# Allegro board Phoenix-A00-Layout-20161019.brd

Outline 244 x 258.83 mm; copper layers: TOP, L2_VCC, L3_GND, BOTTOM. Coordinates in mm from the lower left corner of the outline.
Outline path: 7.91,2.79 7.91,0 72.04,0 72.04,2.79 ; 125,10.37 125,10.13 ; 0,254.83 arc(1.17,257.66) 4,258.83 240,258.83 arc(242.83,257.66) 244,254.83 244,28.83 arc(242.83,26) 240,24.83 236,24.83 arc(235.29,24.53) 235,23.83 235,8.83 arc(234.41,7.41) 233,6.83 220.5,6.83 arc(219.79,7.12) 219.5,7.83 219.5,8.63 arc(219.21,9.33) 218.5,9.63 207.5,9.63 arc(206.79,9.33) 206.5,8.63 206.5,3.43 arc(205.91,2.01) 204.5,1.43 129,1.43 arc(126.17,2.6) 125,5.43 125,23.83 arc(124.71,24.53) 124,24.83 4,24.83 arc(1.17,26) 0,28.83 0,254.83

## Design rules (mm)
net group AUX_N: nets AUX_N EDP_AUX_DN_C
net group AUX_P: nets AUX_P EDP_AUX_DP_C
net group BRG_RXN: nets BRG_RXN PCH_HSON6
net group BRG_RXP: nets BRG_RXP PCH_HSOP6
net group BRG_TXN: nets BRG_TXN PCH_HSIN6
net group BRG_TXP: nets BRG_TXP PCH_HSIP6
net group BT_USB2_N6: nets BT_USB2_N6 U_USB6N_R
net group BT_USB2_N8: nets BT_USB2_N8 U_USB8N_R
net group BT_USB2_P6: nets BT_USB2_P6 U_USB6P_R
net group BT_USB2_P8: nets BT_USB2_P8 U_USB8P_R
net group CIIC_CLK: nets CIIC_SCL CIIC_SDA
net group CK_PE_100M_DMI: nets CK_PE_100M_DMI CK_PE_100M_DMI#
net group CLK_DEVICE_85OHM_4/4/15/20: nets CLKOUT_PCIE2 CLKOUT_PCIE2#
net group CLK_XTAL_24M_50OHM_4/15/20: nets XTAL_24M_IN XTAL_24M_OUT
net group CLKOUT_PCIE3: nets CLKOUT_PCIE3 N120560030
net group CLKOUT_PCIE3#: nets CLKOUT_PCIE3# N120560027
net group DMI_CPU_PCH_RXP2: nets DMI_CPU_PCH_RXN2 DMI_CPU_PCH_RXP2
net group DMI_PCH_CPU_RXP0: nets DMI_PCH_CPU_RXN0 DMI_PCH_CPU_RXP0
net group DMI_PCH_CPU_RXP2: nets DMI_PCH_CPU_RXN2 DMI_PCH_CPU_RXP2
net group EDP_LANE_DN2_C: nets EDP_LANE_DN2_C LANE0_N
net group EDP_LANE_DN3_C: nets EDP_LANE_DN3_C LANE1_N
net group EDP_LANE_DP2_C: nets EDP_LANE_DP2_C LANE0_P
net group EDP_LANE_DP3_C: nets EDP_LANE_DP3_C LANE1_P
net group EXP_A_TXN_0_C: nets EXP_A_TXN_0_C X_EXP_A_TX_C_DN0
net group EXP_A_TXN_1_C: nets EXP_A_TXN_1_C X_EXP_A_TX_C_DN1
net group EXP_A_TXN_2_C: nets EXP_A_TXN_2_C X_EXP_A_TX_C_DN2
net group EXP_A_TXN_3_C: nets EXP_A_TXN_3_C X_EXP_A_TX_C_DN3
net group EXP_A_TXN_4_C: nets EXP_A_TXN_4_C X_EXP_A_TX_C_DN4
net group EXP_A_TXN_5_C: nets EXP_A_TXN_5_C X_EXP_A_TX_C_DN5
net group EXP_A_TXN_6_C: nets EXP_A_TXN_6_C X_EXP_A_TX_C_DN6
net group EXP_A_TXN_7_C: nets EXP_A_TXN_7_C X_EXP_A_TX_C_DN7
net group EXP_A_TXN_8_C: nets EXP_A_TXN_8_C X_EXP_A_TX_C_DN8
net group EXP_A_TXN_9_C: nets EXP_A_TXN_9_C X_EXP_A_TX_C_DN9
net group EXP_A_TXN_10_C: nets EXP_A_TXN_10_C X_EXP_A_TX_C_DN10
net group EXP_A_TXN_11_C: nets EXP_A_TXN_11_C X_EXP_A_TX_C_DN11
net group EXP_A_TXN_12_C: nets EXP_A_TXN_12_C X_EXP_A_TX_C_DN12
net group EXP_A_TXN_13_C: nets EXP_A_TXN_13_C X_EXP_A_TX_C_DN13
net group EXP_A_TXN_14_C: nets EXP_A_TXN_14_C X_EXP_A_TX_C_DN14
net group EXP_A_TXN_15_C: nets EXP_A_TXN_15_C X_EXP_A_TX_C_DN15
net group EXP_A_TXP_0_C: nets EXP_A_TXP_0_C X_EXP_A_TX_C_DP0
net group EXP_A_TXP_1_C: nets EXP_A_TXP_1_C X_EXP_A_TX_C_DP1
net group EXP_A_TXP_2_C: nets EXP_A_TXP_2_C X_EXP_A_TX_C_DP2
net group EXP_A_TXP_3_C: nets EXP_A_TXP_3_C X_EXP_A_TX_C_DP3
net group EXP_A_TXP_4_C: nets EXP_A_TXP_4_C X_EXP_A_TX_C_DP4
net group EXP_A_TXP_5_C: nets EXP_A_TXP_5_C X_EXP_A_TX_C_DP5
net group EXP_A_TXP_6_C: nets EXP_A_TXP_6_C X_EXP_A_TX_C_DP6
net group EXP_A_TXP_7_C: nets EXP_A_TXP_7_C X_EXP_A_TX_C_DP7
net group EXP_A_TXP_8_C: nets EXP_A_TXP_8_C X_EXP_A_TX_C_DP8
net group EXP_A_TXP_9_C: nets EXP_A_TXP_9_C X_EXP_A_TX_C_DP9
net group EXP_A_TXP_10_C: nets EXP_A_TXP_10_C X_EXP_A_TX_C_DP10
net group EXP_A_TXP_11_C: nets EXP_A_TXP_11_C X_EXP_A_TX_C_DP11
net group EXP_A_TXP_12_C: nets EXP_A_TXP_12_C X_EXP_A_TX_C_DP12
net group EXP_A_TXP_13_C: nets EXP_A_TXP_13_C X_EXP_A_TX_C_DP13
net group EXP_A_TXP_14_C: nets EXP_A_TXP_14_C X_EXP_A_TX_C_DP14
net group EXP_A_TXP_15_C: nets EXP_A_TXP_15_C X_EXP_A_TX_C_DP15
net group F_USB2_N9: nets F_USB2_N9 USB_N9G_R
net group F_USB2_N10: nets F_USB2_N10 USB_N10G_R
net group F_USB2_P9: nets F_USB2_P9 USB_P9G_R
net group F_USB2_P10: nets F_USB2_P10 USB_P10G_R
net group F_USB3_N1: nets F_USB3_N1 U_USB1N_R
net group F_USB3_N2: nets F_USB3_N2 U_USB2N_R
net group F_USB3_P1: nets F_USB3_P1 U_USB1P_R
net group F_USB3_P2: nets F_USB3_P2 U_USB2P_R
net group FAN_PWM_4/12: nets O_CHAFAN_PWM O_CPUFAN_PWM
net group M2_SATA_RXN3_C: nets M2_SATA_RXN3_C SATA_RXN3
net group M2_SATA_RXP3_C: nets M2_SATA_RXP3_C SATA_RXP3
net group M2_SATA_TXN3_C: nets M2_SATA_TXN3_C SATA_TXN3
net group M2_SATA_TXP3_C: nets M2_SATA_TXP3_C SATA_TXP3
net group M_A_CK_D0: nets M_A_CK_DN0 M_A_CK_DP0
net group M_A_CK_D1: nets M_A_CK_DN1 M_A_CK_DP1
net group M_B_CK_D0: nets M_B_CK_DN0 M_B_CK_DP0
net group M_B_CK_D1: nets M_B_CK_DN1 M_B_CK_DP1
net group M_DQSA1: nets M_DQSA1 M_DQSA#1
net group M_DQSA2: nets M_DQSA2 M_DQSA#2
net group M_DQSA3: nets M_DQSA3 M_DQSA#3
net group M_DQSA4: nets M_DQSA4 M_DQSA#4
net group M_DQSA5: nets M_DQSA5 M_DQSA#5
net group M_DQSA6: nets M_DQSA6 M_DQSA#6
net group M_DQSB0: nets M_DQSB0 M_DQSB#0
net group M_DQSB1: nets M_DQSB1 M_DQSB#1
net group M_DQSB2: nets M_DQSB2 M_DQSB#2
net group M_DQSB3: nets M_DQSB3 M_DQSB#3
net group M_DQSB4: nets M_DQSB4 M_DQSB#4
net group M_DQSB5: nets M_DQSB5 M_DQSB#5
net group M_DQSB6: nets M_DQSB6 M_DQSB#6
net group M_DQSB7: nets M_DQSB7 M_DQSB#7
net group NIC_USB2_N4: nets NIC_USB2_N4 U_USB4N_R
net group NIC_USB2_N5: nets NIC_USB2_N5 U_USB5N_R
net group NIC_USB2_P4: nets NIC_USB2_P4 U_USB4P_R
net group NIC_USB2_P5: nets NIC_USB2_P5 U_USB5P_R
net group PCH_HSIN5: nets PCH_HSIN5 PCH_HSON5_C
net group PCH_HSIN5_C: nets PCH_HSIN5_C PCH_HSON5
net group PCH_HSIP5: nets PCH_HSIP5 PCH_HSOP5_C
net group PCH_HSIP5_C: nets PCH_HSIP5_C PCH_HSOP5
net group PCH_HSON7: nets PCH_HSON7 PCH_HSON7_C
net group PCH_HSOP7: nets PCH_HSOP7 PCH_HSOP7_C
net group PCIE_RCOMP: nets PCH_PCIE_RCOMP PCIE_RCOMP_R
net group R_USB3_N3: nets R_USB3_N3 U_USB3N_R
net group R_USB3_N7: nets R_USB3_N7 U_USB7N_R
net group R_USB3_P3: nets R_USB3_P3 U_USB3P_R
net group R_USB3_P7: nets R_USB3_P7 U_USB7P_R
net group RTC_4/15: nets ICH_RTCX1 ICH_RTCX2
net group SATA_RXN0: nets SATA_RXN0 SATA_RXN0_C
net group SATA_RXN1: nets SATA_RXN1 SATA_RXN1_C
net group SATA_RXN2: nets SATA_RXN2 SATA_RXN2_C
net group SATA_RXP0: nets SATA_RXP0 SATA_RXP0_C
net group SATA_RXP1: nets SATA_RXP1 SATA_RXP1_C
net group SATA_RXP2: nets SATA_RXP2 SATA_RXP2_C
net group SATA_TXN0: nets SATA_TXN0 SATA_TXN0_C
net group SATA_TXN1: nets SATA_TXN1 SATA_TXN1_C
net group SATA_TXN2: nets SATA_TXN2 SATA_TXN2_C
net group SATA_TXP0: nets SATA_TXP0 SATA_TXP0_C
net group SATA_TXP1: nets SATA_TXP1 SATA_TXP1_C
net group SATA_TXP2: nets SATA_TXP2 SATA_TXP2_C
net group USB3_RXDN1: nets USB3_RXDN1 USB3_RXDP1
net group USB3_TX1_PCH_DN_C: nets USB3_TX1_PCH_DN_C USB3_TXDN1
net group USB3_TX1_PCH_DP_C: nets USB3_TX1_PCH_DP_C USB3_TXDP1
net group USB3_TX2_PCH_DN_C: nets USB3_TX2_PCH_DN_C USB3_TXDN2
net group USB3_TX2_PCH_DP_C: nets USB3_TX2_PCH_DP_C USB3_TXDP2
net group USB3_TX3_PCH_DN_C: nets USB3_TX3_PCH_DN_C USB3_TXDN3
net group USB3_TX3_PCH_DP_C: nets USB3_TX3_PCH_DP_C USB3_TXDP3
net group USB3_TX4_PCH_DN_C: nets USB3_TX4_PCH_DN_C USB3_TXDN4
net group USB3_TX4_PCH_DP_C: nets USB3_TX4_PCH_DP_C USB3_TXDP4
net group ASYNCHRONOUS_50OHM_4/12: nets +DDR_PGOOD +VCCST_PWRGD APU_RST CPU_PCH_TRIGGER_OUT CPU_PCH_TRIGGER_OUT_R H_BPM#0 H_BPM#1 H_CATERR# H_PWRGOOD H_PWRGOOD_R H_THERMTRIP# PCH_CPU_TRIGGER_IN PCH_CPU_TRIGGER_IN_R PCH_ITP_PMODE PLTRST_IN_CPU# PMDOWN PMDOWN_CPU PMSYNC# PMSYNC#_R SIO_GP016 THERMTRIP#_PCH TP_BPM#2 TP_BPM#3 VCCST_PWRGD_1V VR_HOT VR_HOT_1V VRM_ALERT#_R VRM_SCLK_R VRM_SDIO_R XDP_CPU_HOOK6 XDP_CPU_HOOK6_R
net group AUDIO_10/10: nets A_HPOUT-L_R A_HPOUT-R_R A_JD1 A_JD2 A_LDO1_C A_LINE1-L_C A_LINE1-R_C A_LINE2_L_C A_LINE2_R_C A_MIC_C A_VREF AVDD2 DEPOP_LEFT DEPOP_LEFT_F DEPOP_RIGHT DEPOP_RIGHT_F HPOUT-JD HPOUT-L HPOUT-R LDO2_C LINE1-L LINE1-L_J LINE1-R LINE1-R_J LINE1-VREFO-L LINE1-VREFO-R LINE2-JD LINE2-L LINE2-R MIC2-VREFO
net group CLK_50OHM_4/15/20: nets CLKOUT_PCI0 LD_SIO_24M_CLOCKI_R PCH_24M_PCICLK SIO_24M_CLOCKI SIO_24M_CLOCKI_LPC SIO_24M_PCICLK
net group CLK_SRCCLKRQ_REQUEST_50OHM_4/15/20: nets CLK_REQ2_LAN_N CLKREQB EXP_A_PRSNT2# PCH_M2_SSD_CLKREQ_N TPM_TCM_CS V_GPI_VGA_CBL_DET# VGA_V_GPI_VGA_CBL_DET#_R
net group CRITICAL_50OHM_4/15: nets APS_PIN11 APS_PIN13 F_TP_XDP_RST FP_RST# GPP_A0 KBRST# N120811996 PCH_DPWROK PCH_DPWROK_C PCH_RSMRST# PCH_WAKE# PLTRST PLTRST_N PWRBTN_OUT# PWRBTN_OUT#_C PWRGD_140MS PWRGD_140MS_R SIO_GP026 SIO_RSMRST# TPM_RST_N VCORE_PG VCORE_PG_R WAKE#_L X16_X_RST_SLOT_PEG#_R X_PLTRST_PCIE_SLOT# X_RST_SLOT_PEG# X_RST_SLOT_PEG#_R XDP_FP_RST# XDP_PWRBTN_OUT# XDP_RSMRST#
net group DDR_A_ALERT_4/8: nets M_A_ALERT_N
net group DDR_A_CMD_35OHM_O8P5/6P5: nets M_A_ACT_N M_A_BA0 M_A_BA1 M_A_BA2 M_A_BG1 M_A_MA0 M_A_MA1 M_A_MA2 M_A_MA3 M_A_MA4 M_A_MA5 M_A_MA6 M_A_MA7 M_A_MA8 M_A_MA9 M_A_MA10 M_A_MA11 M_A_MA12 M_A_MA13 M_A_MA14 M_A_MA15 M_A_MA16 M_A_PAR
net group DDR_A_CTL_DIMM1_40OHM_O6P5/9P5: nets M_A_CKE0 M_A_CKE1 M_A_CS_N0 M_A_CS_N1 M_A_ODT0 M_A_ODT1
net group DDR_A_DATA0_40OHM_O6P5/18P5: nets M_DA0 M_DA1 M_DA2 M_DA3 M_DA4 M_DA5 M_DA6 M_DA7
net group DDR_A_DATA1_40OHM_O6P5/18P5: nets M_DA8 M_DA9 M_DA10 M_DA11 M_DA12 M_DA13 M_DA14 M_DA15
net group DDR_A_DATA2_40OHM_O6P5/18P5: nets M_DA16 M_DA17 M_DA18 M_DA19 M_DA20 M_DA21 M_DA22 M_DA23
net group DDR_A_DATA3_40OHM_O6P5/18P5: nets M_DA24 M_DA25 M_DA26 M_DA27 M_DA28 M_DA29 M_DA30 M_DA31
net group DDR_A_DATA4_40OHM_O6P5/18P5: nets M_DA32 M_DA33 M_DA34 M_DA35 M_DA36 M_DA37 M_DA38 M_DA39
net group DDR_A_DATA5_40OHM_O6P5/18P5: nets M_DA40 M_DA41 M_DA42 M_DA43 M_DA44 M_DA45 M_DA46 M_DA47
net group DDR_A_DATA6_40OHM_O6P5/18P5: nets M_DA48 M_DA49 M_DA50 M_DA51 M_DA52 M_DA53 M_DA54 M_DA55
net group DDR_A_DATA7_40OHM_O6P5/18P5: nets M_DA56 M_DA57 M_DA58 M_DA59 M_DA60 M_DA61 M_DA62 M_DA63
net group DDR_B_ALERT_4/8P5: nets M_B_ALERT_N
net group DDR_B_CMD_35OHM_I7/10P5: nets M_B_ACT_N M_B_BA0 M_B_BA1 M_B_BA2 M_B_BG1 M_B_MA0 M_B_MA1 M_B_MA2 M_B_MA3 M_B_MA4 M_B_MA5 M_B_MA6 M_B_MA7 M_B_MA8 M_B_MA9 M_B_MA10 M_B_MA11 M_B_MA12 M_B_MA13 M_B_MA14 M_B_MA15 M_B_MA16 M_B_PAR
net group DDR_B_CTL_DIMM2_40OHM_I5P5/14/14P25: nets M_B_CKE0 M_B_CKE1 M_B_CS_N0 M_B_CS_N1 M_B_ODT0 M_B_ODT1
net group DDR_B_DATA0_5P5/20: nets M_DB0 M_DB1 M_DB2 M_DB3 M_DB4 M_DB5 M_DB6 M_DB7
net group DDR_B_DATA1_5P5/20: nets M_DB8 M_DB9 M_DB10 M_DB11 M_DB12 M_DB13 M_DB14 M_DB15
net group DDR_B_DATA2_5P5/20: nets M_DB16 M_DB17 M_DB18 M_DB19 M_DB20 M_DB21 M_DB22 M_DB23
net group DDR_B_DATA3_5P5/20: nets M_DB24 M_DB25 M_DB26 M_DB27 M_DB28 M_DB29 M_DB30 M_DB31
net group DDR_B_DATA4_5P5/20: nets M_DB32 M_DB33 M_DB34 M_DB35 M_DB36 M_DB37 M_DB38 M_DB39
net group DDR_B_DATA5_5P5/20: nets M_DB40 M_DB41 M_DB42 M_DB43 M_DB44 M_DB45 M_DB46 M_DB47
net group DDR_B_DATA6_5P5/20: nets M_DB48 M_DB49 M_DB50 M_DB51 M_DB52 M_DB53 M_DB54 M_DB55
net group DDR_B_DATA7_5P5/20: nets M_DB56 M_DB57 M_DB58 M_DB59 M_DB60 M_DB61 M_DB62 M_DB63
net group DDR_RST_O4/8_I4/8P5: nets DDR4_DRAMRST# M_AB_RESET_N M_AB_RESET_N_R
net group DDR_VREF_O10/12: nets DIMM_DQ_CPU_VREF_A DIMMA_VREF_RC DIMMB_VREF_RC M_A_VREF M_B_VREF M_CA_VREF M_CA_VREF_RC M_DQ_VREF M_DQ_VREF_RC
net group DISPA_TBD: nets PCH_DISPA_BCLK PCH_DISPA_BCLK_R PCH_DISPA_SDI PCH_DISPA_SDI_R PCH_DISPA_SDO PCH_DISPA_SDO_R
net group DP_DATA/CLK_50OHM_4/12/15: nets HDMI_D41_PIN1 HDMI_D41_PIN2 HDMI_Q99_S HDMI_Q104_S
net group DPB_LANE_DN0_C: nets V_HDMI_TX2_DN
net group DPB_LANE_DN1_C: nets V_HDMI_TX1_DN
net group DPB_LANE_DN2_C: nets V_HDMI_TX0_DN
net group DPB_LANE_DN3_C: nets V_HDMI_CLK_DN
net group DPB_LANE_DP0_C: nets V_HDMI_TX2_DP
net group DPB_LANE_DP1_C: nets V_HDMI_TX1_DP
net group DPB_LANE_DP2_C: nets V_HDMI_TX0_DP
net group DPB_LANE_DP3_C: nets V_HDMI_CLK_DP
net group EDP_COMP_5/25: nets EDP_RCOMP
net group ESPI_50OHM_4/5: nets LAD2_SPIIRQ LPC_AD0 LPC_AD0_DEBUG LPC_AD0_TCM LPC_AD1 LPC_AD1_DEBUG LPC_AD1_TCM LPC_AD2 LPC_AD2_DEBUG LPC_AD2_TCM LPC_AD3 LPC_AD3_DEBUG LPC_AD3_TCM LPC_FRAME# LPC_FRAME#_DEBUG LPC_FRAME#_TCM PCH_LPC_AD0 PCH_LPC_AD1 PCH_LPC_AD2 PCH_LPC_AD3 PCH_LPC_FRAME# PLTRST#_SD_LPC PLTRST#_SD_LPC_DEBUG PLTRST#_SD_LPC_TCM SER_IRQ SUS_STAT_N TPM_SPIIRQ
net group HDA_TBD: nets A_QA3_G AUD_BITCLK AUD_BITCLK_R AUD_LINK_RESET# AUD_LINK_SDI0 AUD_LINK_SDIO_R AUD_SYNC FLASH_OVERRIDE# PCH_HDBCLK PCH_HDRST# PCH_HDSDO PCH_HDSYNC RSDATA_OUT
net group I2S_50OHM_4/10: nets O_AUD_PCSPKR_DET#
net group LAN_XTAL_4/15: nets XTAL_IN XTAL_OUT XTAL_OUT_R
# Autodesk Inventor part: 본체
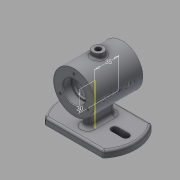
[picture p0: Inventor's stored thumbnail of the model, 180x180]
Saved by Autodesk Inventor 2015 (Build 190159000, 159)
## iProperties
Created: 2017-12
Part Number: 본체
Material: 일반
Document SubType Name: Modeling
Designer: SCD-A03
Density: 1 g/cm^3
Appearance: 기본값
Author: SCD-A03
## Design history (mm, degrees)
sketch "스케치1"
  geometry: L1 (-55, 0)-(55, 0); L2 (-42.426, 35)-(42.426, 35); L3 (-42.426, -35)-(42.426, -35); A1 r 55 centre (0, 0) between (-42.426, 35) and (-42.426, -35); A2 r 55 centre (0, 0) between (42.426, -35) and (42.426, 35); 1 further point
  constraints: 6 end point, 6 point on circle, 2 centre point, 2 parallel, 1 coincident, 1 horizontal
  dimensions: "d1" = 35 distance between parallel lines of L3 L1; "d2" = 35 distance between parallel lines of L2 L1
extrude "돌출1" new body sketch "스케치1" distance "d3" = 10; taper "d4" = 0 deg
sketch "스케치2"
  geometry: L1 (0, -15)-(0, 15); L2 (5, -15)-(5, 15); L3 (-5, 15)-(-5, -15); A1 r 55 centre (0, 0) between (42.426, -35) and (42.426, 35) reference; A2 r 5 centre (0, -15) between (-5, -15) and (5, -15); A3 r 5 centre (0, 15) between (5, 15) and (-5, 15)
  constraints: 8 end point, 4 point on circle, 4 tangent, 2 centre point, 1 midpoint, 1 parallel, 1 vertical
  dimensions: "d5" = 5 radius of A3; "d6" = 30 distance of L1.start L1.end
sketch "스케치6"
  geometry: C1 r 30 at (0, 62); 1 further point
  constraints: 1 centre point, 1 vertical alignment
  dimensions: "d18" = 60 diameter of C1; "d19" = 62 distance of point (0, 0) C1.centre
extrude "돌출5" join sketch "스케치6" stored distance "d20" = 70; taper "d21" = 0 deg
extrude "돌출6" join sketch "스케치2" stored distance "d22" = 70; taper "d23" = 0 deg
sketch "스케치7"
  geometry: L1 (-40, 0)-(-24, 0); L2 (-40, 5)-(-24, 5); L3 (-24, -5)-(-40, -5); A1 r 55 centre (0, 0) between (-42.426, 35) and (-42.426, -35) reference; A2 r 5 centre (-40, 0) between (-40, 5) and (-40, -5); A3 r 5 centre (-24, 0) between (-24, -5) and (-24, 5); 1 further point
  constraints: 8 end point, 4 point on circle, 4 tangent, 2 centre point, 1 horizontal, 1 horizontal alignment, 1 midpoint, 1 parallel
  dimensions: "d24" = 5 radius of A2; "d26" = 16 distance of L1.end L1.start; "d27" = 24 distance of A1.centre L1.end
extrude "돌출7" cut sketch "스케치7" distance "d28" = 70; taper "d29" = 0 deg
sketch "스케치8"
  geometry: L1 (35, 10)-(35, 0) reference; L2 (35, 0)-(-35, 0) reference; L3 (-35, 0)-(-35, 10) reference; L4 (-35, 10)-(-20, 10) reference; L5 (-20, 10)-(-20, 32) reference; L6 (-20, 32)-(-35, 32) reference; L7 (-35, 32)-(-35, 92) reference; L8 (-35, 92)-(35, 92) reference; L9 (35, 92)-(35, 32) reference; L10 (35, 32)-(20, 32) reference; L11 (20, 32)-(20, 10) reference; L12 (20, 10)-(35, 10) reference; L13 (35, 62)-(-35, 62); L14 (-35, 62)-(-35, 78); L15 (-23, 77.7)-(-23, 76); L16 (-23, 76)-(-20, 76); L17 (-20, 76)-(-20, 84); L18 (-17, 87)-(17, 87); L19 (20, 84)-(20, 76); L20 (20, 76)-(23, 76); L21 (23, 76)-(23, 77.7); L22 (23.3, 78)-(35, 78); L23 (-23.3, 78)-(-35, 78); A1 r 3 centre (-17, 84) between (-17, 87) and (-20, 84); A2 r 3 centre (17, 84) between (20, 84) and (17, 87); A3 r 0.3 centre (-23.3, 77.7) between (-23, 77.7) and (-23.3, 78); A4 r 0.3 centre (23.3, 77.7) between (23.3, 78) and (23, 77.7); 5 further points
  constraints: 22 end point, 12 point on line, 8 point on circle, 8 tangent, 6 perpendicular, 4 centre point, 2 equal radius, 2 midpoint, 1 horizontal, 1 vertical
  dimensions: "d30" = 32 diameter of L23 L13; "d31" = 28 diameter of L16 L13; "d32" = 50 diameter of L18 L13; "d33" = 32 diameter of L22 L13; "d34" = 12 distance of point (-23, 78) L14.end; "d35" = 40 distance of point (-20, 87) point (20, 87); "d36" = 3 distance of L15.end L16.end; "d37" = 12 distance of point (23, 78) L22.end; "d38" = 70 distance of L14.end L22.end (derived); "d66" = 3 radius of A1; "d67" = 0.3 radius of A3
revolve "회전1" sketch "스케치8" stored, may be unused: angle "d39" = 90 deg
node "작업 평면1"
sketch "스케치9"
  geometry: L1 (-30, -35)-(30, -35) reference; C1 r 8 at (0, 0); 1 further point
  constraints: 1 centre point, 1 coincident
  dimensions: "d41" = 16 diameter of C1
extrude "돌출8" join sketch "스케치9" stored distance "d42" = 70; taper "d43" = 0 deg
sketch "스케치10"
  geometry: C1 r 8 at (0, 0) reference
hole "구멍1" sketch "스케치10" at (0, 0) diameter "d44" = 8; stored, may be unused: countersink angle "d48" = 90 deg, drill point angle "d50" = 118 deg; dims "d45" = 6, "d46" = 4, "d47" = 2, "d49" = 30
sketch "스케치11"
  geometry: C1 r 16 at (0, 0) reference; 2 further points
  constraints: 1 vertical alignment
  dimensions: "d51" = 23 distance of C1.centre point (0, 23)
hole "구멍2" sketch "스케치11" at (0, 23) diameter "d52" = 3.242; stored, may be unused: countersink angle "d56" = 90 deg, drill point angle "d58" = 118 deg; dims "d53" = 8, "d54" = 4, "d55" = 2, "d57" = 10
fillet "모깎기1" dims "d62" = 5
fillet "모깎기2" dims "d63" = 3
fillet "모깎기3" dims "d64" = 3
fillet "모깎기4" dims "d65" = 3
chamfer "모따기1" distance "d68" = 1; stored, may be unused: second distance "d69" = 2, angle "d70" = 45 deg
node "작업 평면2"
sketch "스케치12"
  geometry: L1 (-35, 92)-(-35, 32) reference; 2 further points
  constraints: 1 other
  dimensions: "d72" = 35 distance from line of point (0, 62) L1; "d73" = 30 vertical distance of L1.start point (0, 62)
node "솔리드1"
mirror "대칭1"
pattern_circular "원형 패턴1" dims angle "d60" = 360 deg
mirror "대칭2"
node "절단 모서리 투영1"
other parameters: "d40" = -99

→ **Your objective**: Copy the records above exactly, from the first line through the line containing "Outline 244 x", and include nothing else.

→ **Result for this exercise**:
# Allegro board Phoenix-A00-Layout-20161019.brd

Outline 244 x 258.83 mm; copper layers: TOP, L2_VCC, L3_GND, BOTTOM. Coordinates in mm from the lower left corner of the outline.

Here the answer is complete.